Exercise description
Your answer must repeat all of the entries word for word, without any images.

━━━━━ Data for the task

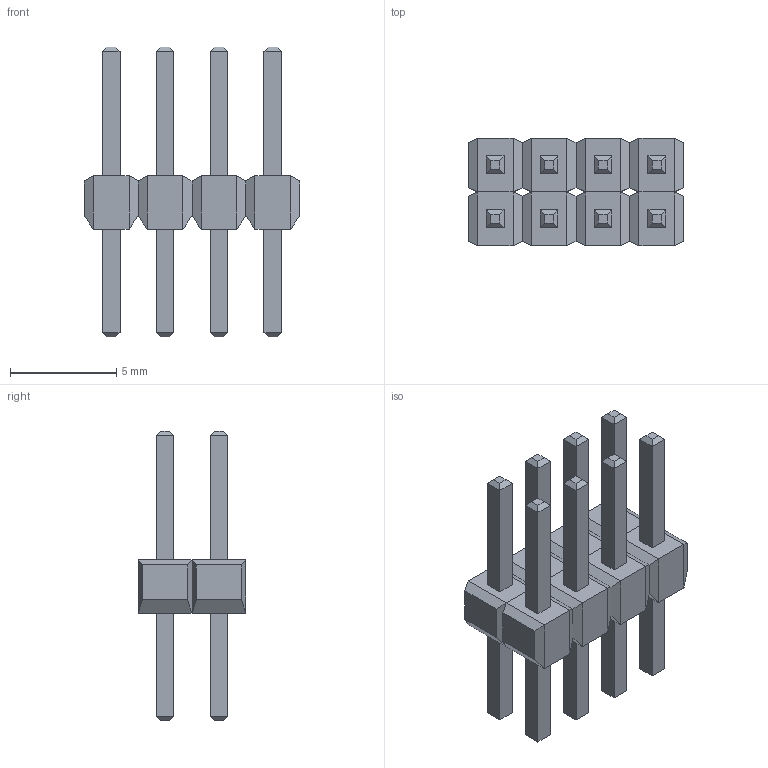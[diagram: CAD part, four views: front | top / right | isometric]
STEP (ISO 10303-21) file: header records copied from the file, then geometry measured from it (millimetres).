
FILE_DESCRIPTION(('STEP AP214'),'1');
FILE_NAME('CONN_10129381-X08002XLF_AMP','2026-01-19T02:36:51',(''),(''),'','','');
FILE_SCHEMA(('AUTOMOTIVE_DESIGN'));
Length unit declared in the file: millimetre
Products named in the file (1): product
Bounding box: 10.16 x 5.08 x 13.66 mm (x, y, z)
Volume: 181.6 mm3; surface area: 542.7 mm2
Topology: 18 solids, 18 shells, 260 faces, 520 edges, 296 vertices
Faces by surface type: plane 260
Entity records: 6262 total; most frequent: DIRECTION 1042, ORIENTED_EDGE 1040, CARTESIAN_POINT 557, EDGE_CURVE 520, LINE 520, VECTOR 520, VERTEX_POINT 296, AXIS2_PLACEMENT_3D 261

━━━━━━━━━━

Task solution
[diagram: CAD part, four views: front | top / right | isometric]
STEP (ISO 10303-21) file: header records copied from the file, then geometry measured from it (millimetres).
FILE_DESCRIPTION(('STEP AP214'),'1');
FILE_NAME('CONN_10129381-X08002XLF_AMP','2026-01-19T02:36:51',(''),(''),'','','');
FILE_SCHEMA(('AUTOMOTIVE_DESIGN'));
Length unit declared in the file: millimetre
Products named in the file (1): product
Bounding box: 10.16 x 5.08 x 13.66 mm (x, y, z)
Volume: 181.6 mm3; surface area: 542.7 mm2
Topology: 18 solids, 18 shells, 260 faces, 520 edges, 296 vertices
Faces by surface type: plane 260
Entity records: 6262 total; most frequent: DIRECTION 1042, ORIENTED_EDGE 1040, CARTESIAN_POINT 557, EDGE_CURVE 520, LINE 520, VECTOR 520, VERTEX_POINT 296, AXIS2_PLACEMENT_3D 261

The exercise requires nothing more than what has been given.